As a rule, prevalence exceeds incidence for chronic diseases without recovery, because cases linger in the sampled population. Following this general rule, CWD prevalence—a direct measure of active infections by virtue of diagnostics and disease traits—tended to be equal to, or greater than, incidence, especially among males when prevalence values were high (Table 1 and Fig. 1). It follows that using prevalence among adult males as an index for underlying incidence offers a conservative approach for monitoring CWD epidemic trends and responses to control efforts in mule deer. Given consistent monitoring approaches over time, increasing prevalence suggests epidemic growth within the represented demographic and decreasing prevalence suggests lowered incidence. The observed decline in CWD incidence among sampled males in apparent response to local disease management also reflected in prevalence data from the Wolfe et al. (2018) study supports such inference (Table 1 and Fig. 1B).
That said, a few provisos do apply. Whether similar relationships extend to white-tailed deer (Odocoileus virginianus), wapiti, or other susceptible cervid species remains to be determined. Inferences seem most appropriate for time steps of one to a few years. Moreover, care should be taken to assure observed prevalence “trends” are not merely an artifact of sampling. Comparisons made over time require careful and consistent definition of the denominator in prevalence estimation. Sampling bias should be avoided or minimized (Conner et al. 2000; Walsh 2012; WAFWA 2017). For example, given the twofold difference in prevalence among male vs. female mule deer (Miller and Conner 2005), including both sexes in estimates derived from harvest samples could significantly misrepresent trends if one sampling period included robust female harvest and the other did not. Similarly, a shift from random sampling at check stations to sampling only taxidermy submissions might misrepresent the true prevalence trend among males if mature males were only a small (but oversampled) portion of a herd's male demographic (Conner et al. 2000; Miller and Conner 2005). Changes in hunting regulations also could alter the underlying age structure of harvested animals, thereby influencing trends in apparent prevalence (Miller et al. 2020). Spatial context merits consideration as well—the data analyzed here were from relatively localized study areas, and prevalence trends measured over larger spatial scales could obscure local patterns (e.g., Miller et al. 2020). Comparing prevalence trends between herds, populations, or jurisdictions may present added challenges given greater opportunity for confounding factors (e.g., variable regulations or sampling approaches) that may influence apparent prevalence (Walsh 2012; WAFWA 2017).

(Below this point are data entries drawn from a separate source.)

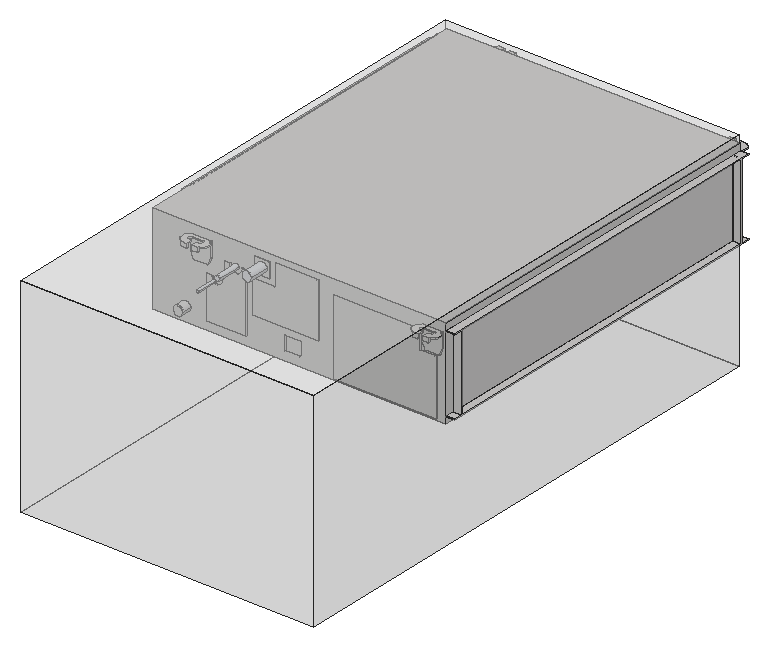
Revit family "outputfile", category 機械設備, Revit 2024
Family settings
  丸型コネクタ寸法 = 半径を使用
  パーツ タイプ = 標準
  OmniClass 番号 = 23.75.10.24.21.27.27
  OmniClass タイトル = Split System Air Conditioning Units
  作業面ベース = いいえ
  常に垂直 = はい
  ロード時にボイドで切り取り = いいえ
  注釈の向きを維持 = いいえ
  共有 = いいえ
  部屋計算ポイント = はい
Parameters (values of type "FXSQ50PAV4")
  Description = ""
  製造元 = "Daikin"
  書き出し IFC クラス(タイプ) = "IfcUnitaryEquipmentType"
  定義済み IFC タイプ(タイプ) = "AIRCONDITIONINGUNIT"
  Cost = 0
  モデル = "FXSQ50PAV4"
  Type Comments = ""
  Keynote = ""
  Type Image = (empty or 0)
  Assembly Code = ""
  r_Liquid Pipe Size = Liquid Pipe Size / 2  # 3.2 mm
  r_Gas Pipe Size = Gas Pipe Size / 2  # 6.35 mm
  r_Drain Pipe Size = Drain Pipe Size / 2  # 12.5 mm
  lw_power = 770.0 mm  # constant formula
  lh_SA = 138.0 mm  # constant formula
  lw_SA = if(Depth = 550.0 mm, 225.0 mm, if(Depth = 700.0 mm, 300.0 mm, if(Depth = 1000.0 mm, 450.0 mm, if(Depth = 1400.0 mm, 650.0 mm, 725.0 mm))))  # 450.0 mm
  lw_RA = if(Depth = 550.0 mm, 275.0 mm, if(Depth = 700.0 mm, 349.0 mm, if(Depth = 1000.0 mm, 499.0 mm, if(Depth = 1400.0 mm, 699.0 mm, 775.0 mm))))  # 499.0 mm
  lh_power = 60.0 mm + [h***]  # 60.0 mm
  lh_mountinghole1 = lh_mountinghole + [h***]  # 222.0 mm
  lh_RA = 123.0 mm  # constant formula
  ld_power = Depth / 2  # 500.0 mm
  Voltage_comment_60Hz = "220"
  Voltage_comment_50Hz = "220-240"
  Voltage_60Hz = 220 V
  Voltage_50Hz = 220 V
  URL = ""
  Supply Air Direction [instance] = yes
  Sound Power Level_H speed (dB) = 62
  Phase_60Hz = 1
  Phase_50Hz = 1
  Minimum External Static Pressure = 50.00 Pa
  Minimum Circuit Amps_60Hz = 1.3 A
  Minimum Circuit Amps_50Hz = 1.3 A
  Maximum Fuse Amps_60Hz = 16.0 A
  Maximum Fuse Amps_50Hz = 16.0 A
  Maximum External Static Pressure = 150.00 Pa
  Material_Casing = DAIKIN_GalvanizedSteel_Casing_indoorunit
  lw_mountinghole = 630.0 mm  # constant formula
  lh_gaspipe = 183.0 mm + [h***]  # 183.0 mm
  lh_mountinghole = 222.0 mm  # constant formula
  lh_liquidpipe = 136.0 mm + [h***]  # 136.0 mm
  lh_drainpipe = 207.0 mm + [h***]  # 207.0 mm
  lh_antena = Height - lh_mountinghole + 1.0 mm  # 24.0 mm
  ld_drainpipe = Depth / 2 + 53.0 mm  # 553.0 mm
  ld_liquidpipe = Depth / 2 + 69.0 mm  # 569.0 mm
  ld_gaspipe = Depth / 2 + 65.0 mm  # 565.0 mm
  ld_mountinghole = Depth + 38.0 mm  # 1038.0 mm
  h*** = 0.0 mm  # constant formula
  lw_liquidpipe = 179.0 mm  # constant formula
  lw_gaspipe = 229.0 mm  # constant formula
  lw_drainpipe = 300.0 mm  # constant formula
  Width = 800.0 mm
  Version = "ver.1.0"
  Unit Type = "Middle Static Pressure Duct Type"
  Unit Mass Weight = 35.00 kg
  Unit Designation [instance] = ""
  Uniclass2015Version = "Products v1.30"
  Uniclass2015Title = "Variable refrigerant flow units"
  Uniclass2015Code = "Pr_70_65_03_94"
  Total Heating Capacity [instance] = 0.000 kW
  Total Cooling Capacity [instance] = 0.000 kW
  Sound Pressure Level_M speed (dBA) = 0
  Sound Pressure Level_L speed (dBA) = 29
  Sound Pressure Level_H speed (dBA) = 34
  Series = "VRV Fan Coil Unit"
  Sensible Cooling Capacity [instance] = 0.000 kW
  SA Duct Size Width = if(Depth = 550.0 mm, 337.0 mm, if(Depth = 700.0 mm, 492.0 mm, if(Depth = 1000.0 mm, 792.0 mm, if(Depth = 1400.0 mm, 1192.0 mm, 1337.0 mm))))  # 792.0 mm
  SA Duct Size Height = 176.0 mm
  Refrigerant Type = "R410A"
  RA Duct Size Width = if(Depth = 550.0 mm, 502.0 mm, if(Depth = 700.0 mm, 654.0 mm, if(Depth = 1000.0 mm, 952.0 mm, if(Depth = 1400.0 mm, 1352.0 mm, 1502.0 mm))))  # 952.0 mm
  RA Duct Size Height = 208.0 mm
  Power Input (Heating) = 0.159 kW
  Power Input (Cooling) = 0.164 kW
  Option Accessory 3 [instance] = ""
  Option Accessory 2 [instance] = ""
  Option Accessory 1 [instance] = ""
  Nominal Heating Capacity = 6.300 kW
  Nominal Cooling Capacity = 5.600 kW
  Minimum Airflow = 690.00 m³/h
  Median Airflow = 870.00 m³/h
  Maximum Airflow = 1020.00 m³/h
  Load Classification = HVAC
  Liquid Pipe Size = 6.4 mm
  Link_Nested Family [instance] = ""
  IfcVersion = "0"
  IfcExportType = "AIRCONDITIONINGUNIT"
  IfcExportAs = "IfcUnitaryEquipmentType"
  Height = 245.0 mm
  Heating Entering Wet Bulb Temperature [instance] = 0.00 °C
  Heating Entering Dry Bulb Temperature [instance] = 0.00 °C
  Heating Ambient Wet Bulb Temperature [instance] = 0.00 °C
  Heating Ambient Dry Bulb Temperature [instance] = 0.00 °C
  Heat Exchanger Type = "Cross Fin Coil"
  Gas Pipe Size = 12.7 mm
  Frequency_60Hz = 60 Hz
  Frequency_50Hz = 50 Hz
  Fan Type = "Sirocco Fan"
  Fan Drive = "Direct Drive"
  FCU Tag No. [instance] = ""
  Drain Pipe Size = 25.0 mm
  Design Supply Airflow [instance] = 0.00 m³/h
  Design Return Airflow [instance] = 0.00 m³/h
  Design External Static Pressure [instance] = 0.00 Pa
  Depth = 1000.0 mm
  既定の高さ = 0.0 mm
  Cooling Entering Wet Bulb Temperature [instance] = 0.00 °C
  Cooling Entering Dry Bulb Temperature [instance] = 0.00 °C
  Cooling Ambient Wet Bulb Temperature [instance] = 0.00 °C
  Cooling Ambient Dry Bulb Temperature [instance] = 0.00 °C
  Clearance visibility [instance] = yes
  Clearance Top = 20.0 mm
  Clearance Right = 0.0 mm
  Clearance Rear = 0.0 mm
  Clearance Left = 0.0 mm
  Clearance Front = 450.0 mm
  Clearance Bottom = 300.0 mm
Reference planes
  plane 1 "Center (Front/Back)": y = 0
  plane 2 "h": z = 0
  plane 3 "Center (Left/Right)": x = 0
  plane 4 "Back": y = 500
  plane 5 "Front": y = -500
  plane 6 "Left": x = -400
  plane 7 "Reight": x = 400
  plane 8 "Top": z = 0
  plane 9 "Bottom": z = -245
  plane 10: y = -215
  plane 11: y = 500
  plane 12: y = -950
  plane 13: x = -400
  plane 14: x = 400
  plane 15: z = 20
  plane 16: z = -545
  plane 17: x = -400
  plane 18: x = -399
  plane 19: x = 399
  plane 20: y = 50
  plane 21: y = -1
  plane 22: z = -122
  plane 23: y = -501
  plane 24: z = -109
  plane 25: x = -221
  plane 26: y = -565
  plane 27: z = -62
  plane 28: x = -171
  plane 29: y = -553
  plane 30: z = -38
  plane 31: x = -100
  plane 32: x = -100
  plane 33: x = -221
  plane 34: x = -171
  plane 35: x = 370
  plane 36: x = -266
  plane 37: x = 364
  plane 38: y = -519
  plane 39: y = 519
  plane 40: z = -23
  plane 41: z = -107
  plane 42: y = -570
  plane 43: z = -207
  plane 44: x = -309
  plane 45: y = -526
  plane 46: x = -251
  plane 47: x = -203
  plane 48: x = -144
  plane 49: z = -59
  plane 50: z = -106
  plane 51: z = -221
  plane 52: z = -109
  plane 53: x = -221
  plane 54: z = -62
  plane 55: x = -171
  plane 56: z = -17
  plane 57: z = -59
  plane 58: x = -121
  plane 59: x = -79
  plane 60: x = -125
  plane 61: x = -64
  plane 62: x = 53
  plane 63: z = -164
  plane 64: z = -73
  plane 65: z = -16
  plane 66: x = 93.5
  plane 67: x = 374.5
  plane 68: x = 330
  plane 69: z = -88.5
  plane 70: z = -38
  plane 71: z = -242.5
  plane 72: x = -38.5
  plane 73: x = 6.5
  plane 74: z = -181
  plane 75: z = -221
  plane 76: y = -499
  plane 77: x = -424
  plane 78: x = 424
Forms (mm)
  Extrusion 1, solid, material "DAIKIN_GalvanizedSteel_Casing_indoorunit" <- "Material_Casing"
    sketch origin (0, 0, 0) x (1, 0, 0) y (0, 1, 0)
      loop
        line (-399, 500) -> (-399, -500) -> (399, -500) -> (399, 500) -> (-399, 500)
    from -245 to 0
  Extrusion 2, solid, material "DAIKIN_GalvanizedSteel_Casing_indoorunit" <- "Material_Casing"
    sketch origin (0, 0, 0) x (1, 0, 0) y (0, 0, 1)
      loop
        line (-251, -221) -> (-144, -221) -> (-144, -59) -> (-154.47, -59)
        arc (-154.47, -59) -> (-171, -78.8) -> (-187.53, -59) r 16.8
        line (-187.53, -59) -> (-203, -59) -> (-203, -106) -> (-206.916, -106)
        arc (-206.916, -106) -> (-221, -123.4) -> (-235.084, -106) r 14.4
        line (-235.084, -106) -> (-251, -106) -> (-251, -221)
    from 500 to 501
  Extrusion 3, solid, material "DAIKIN_GalvanizedSteel_Casing_indoorunit" <- "Material_Casing"
    sketch origin (0, 0, 0) x (1, 0, 0) y (0, 0, 1)
      loop
        line (-121, -17) -> (-121, -59) -> (-79, -59) -> (-79, -17) -> (-121, -17)
      loop
        line (-125, -73) -> (-125, -164) -> (53, -164) -> (53, -16) -> (-64, -16) -> (-64, -73) -> (-125, -73)
    from 500 to 501
  Extrusion 4, solid, material "DAIKIN_GalvanizedSteel_Casing_indoorunit" <- "Material_Casing"
    sketch origin (0, 0, 0) x (1, 0, 0) y (0, 0, 1)
      loop
        line (93.5, -38) -> (93.5, -242.5) -> (374.5, -242.5) -> (374.5, -88.5) -> (330, -88.5) -> (330, -38) -> (93.5, -38)
    from 500 to 501
  Extrusion 5, solid
    sketch origin (0, 0, 0) x (1, 0, 0) y (0, 0, 1)
      loop
        circle (-221, -109) r 3.2
    from 500 to 570
  Extrusion 6, solid
    sketch origin (0, 0, 0) x (1, 0, 0) y (0, 0, 1)
      loop
        circle (-171, -62) r 6.35
    from 500 to 565
  Extrusion 7, solid
    sketch origin (0, 0, 0) x (1, 0, 0) y (0, 0, 1)
      loop
        circle (-100, -38) r 12.5
    from 501 to 553
  Extrusion 8, solid, material "DAIKIN_GalvanizedSteel_Casing_indoorunit" <- "Material_Casing"
    sketch origin (0, 0, 0) x (1, 0, 0) y (0, 0, 1)
      loop
        circle (-309, -207) r 13
    from 500 to 526
  Extrusion 9, void
    sketch origin (0, 0, 0) x (1, 0, 0) y (0, 0, 1)
      loop
        line (-38.5, -181) -> (-38.5, -221) -> (6.5, -221) -> (6.5, -181) -> (-38.5, -181)
    from 499 to 500
Cuts and joins
  Extrusion 9 cuts Extrusion 1
Dimensions and locks
  "Height": plane 8 "Top" to plane 9 "Bottom"
  equal spacing: plane 4 "Back", plane 1 "Center (Front/Back)", plane 5 "Front"
  "Depth": plane 4 "Back" to plane 5 "Front"
  equal spacing: plane 6 "Left", plane 3 "Center (Left/Right)", plane 7 "Reight"
  "Width": plane 6 "Left" to plane 7 "Reight"
  "Clearance Left": plane 13 to plane 6 "Left"
  "Clearance Right": plane 7 "Reight" to plane 14
  "Clearance Rear": plane 11 to plane 4 "Back"
  "Clearance Front": plane 5 "Front" to plane 12
  "Clearance Top": plane 15 to plane 8 "Top"
  "Clearance Bottom": plane 9 "Bottom" to plane 16
  locked: plane 17 to plane 18 at 1
  locked: plane 19 to plane 14 at 1
  "lw_SA": plane 11 to plane 20
  "lw_RA": plane 21 to plane 5 "Front"
  "lh_RA": plane 22 to plane 9 "Bottom"
  locked: plane 5 "Front" to plane 23 at 1
  "lw_liquidpipe": plane 25 to plane 6 "Left"
  "lh_liquidpipe": plane 24 to plane 9 "Bottom"
  "lh_gaspipe": plane 27 to plane 9 "Bottom"
  "lw_gaspipe": plane 28 to plane 6 "Left"
  "ld_gaspipe": plane 26 to plane 1 "Center (Front/Back)"
  "ld_drainpipe": plane 29 to plane 1 "Center (Front/Back)"
  "lh_drainpipe": plane 30 to plane 9 "Bottom"
  "lw_drainpipe": plane 31 to plane 6 "Left"
  "lw_drainpipe": plane 6 "Left" to plane 32
  "lw_liquidpipe": plane 6 "Left" to plane 33
  "lw_gaspipe": plane 6 "Left" to plane 34
  "lw_power": plane 6 "Left" to plane 35
  locked: plane 17 to plane 36 at 134
  "lw_mountinghole": plane 36 to plane 37
  equal spacing: plane 38, plane 1 "Center (Front/Back)", plane 39
  "ld_mountinghole": plane 39 to plane 38
  "lh_mountinghole": plane 40 to plane 9 "Bottom"
  "lh_SA": plane 41 to plane 9 "Bottom"
  "ld_liquidpipe": plane 21 to plane 42
  locked: plane 44 to plane 6 "Left" at 91
  locked: plane 43 to plane 9 "Bottom" at 38
  locked: plane 5 "Front" to plane 45 at 26
  plane 48 to plane 47 to plane 46 to plane 6 "Left" = 59.0 mm, 48.0 mm, 149.0 mm
  plane 8 "Top" to plane 49 to plane 50 to plane 51 = 59.0 mm locked, 47.0 mm locked, 115.0 mm locked
  plane 55 to plane 53 to plane 6 "Left" = 50.0 mm locked, 179.0 mm locked
  plane 54 to plane 52 to plane 9 "Bottom" = 47.0 mm locked, 136.0 mm locked
  plane 59 to plane 58 to plane 6 "Left" = 42.0 mm locked, 279.0 mm locked
  plane 8 "Top" to plane 56 to plane 57 = 17.0 mm locked, 42.0 mm locked
  plane 62 to plane 61 to plane 60 to plane 6 "Left" = 117.0 mm, 61.0 mm, 275.0 mm
  plane 8 "Top" to plane 65 to plane 64 = 16.0 mm locked, 57.0 mm locked
  locked: plane 65 to plane 63 at 148
  plane 8 "Top" to plane 70 to plane 69 to plane 71 = 38.0 mm locked, 50.5 mm locked, 154.0 mm locked
  plane 67 to plane 68 to plane 66 to plane 6 "Left" = 44.5 mm locked, 236.5 mm locked, 493.5 mm locked
  plane 8 "Top" to plane 74 to plane 75 = 181.0 mm locked, 40.0 mm locked
  plane 73 to plane 72 to plane 6 "Left" = 45.0 mm, 361.5 mm
  locked: plane 76 to plane 5 "Front" at 1
  locked: plane 77 to plane 17 at 24
  locked: plane 14 to plane 78 at 24
  locked: Extrusion 4 sketch curve to plane 9 "Bottom" at 2.5
  "r_Liquid Pipe Size": radius of Extrusion 5 sketch curve
  "r_Gas Pipe Size": radius of Extrusion 6 sketch curve
  "r_Drain Pipe Size": radius of Extrusion 7 sketch curve
  aligned and locked: level to plane 2 "h"
  aligned and locked: plane 8 "Top" to Extrusion 1
  aligned and locked: Extrusion 1 to plane 9 "Bottom"
  aligned and locked: nested 5 to plane 12
  aligned and locked: plane 13 to nested 5
  aligned and locked: plane 14 to nested 5
  aligned and locked: nested 5 to plane 13
  aligned and locked: plane 11 to nested 5
  aligned and locked: plane 15 to nested 5
  aligned and locked: plane 16 to nested 5
  aligned and locked: plane 5 "Front" to Extrusion 1 sketch curve
  aligned and locked: Extrusion 1 to plane 18
  aligned and locked: plane 19 to Extrusion 1
  aligned and locked: nested 7 to plane 18
  aligned and locked: nested 7 to plane 20
  aligned and locked: plane 19 to nested 8
  aligned and locked: plane 21 to nested 8
  aligned and locked: plane 22 to nested 8
  aligned and locked: Extrusion 2 to plane 23
  aligned and locked: plane 5 "Front" to Extrusion 2
  aligned and locked: Extrusion 3 to plane 23
  aligned and locked: plane 5 "Front" to Extrusion 3
  aligned and locked: plane 5 "Front" to Extrusion 4
  aligned and locked: Extrusion 5 sketch curve to plane 25
  aligned and locked: plane 24 to Extrusion 5 sketch curve
  aligned and locked: plane 5 "Front" to Extrusion 5
  aligned and locked: Extrusion 6 sketch curve to plane 28
  aligned and locked: plane 27 to Extrusion 6 sketch curve
  aligned and locked: plane 5 "Front" to Extrusion 6
  aligned and locked: Extrusion 7 sketch curve to plane 31
  aligned and locked: Extrusion 7 sketch curve to plane 30
  aligned and locked: Extrusion 7 to plane 29
  aligned and locked: plane 23 to Extrusion 7
  aligned and locked: nested 3 to plane 29
  aligned and locked: plane 32 to nested 3
  aligned and locked: nested 2 to plane 33
  aligned and locked: nested 1 to plane 34
  aligned and locked: Extrusion 6 to plane 26
  aligned and locked: nested 1 to plane 26
  aligned and locked: nested 6 to plane 5 "Front"
  aligned and locked: nested 6 to plane 35
  aligned and locked: plane 36 to nested 10
  aligned and locked: nested 10 to plane 5 "Front"
  aligned and locked: plane 37 to nested 9
  aligned and locked: nested 9 to plane 5 "Front"
  aligned and locked: nested 11 to plane 36
  aligned and locked: plane 4 "Back" to nested 11
  aligned and locked: nested 12 to plane 37
  aligned and locked: plane 4 "Back" to nested 12
  aligned and locked: plane 40 to nested 10
  aligned and locked: plane 40 to nested 11
  aligned and locked: plane 40 to nested 9
  aligned and locked: plane 40 to nested 12
  aligned and locked: plane 36 to nested 14
  aligned and locked: nested 14 to plane 39
  aligned and locked: plane 37 to nested 13
  aligned and locked: nested 13 to plane 39
  aligned and locked: plane 37 to nested 16
  aligned and locked: plane 38 to nested 16
  aligned and locked: plane 38 to nested 15
  aligned and locked: plane 36 to nested 15
  aligned and locked: plane 17 to plane 6 "Left"
  aligned and locked: plane 41 to nested 7
  aligned and locked: Extrusion 5 to plane 42
  aligned and locked: nested 2 to plane 42
  aligned and locked: Extrusion 8 sketch curve to plane 44
  aligned and locked: plane 43 to Extrusion 8 sketch curve
  aligned and locked: plane 5 "Front" to Extrusion 8
  aligned and locked: plane 45 to Extrusion 8
  aligned and locked: Extrusion 3 sketch curve to plane 56
  aligned and locked: Extrusion 3 sketch curve to plane 58
  aligned and locked: plane 57 to Extrusion 3 sketch curve
  aligned and locked: plane 59 to Extrusion 3 sketch curve
  aligned and locked: Extrusion 4 to plane 23
  aligned and locked: Extrusion 9 sketch curve to plane 74
  aligned and locked: plane 75 to Extrusion 9 sketch curve
  aligned and locked: plane 73 to Extrusion 9 sketch curve
  aligned and locked: plane 5 "Front" to Extrusion 9
  aligned and locked: plane 76 to Extrusion 9
  aligned and locked: nested 17 to plane 20
  aligned and locked: nested 17 to plane 77
  aligned and locked: plane 21 to nested 18
  aligned and locked: plane 78 to nested 18
  aligned and locked: plane 41 to nested 17
  aligned and locked: nested 18 to plane 22
  aligned and locked: nested 4 to plane 3 "Center (Left/Right)"
  aligned and locked: plane 1 "Center (Front/Back)" to nested 4
  aligned and locked: level to plane 8 "Top"
Automatic sketch dimensions
  plane 6 "Left" to Extrusion 1 sketch curve = 1.0 mm
  Extrusion 1 sketch curve to plane 7 "Reight" = 1.0 mm
  Extrusion 1 sketch curve to plane 4 "Back" = 0.0 mm
  Extrusion 2 sketch curve to plane 46 = 0.0 mm
  Extrusion 2 sketch curve to plane 33 = 0.0 mm
  Extrusion 2 sketch curve to plane 47 = 0.0 mm
  Extrusion 2 sketch curve to plane 34 = 0.0 mm
  Extrusion 2 sketch curve to plane 48 = 0.0 mm
  Extrusion 2 sketch curve to plane 52 = 0.0 mm
  Extrusion 2 sketch curve to plane 50 = 0.0 mm  (x3)
  Extrusion 2 sketch curve to plane 54 = 0.0 mm
  Extrusion 2 sketch curve to plane 49 = 0.0 mm  (x3)
  plane 33 to Extrusion 2 sketch curve = 14.084 mm
  plane 34 to Extrusion 2 sketch curve = 16.53 mm
  Extrusion 3 sketch curve to plane 60 = 0.0 mm
  Extrusion 3 sketch curve to plane 61 = 0.0 mm
  Extrusion 3 sketch curve to plane 62 = 0.0 mm
  Extrusion 3 sketch curve to plane 64 = 0.0 mm
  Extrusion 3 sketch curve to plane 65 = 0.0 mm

With attention to monitoring methods and the context of application, inferring that observed CWD prevalence trends also reflect underlying epidemic dynamics appears justifiable. Chronic wasting disease prevalence does appear to be a reasonable index for incidence in mule deer herds across the range of values spanning those encountered in reported data sets. It follows that either declining or relatively flat prevalence trends may indeed offer encouraging evidence of short-term epidemic suppression (Manjerovic et al. 2014; Wolfe et al. 2018; Miller et al. 2020).
Supported by the Colorado Division of Parks and Wildlife. M. Conner, M. Wood, an anonymous reviewer, and the Assistant Editor provided helpful reviews of earlier drafts.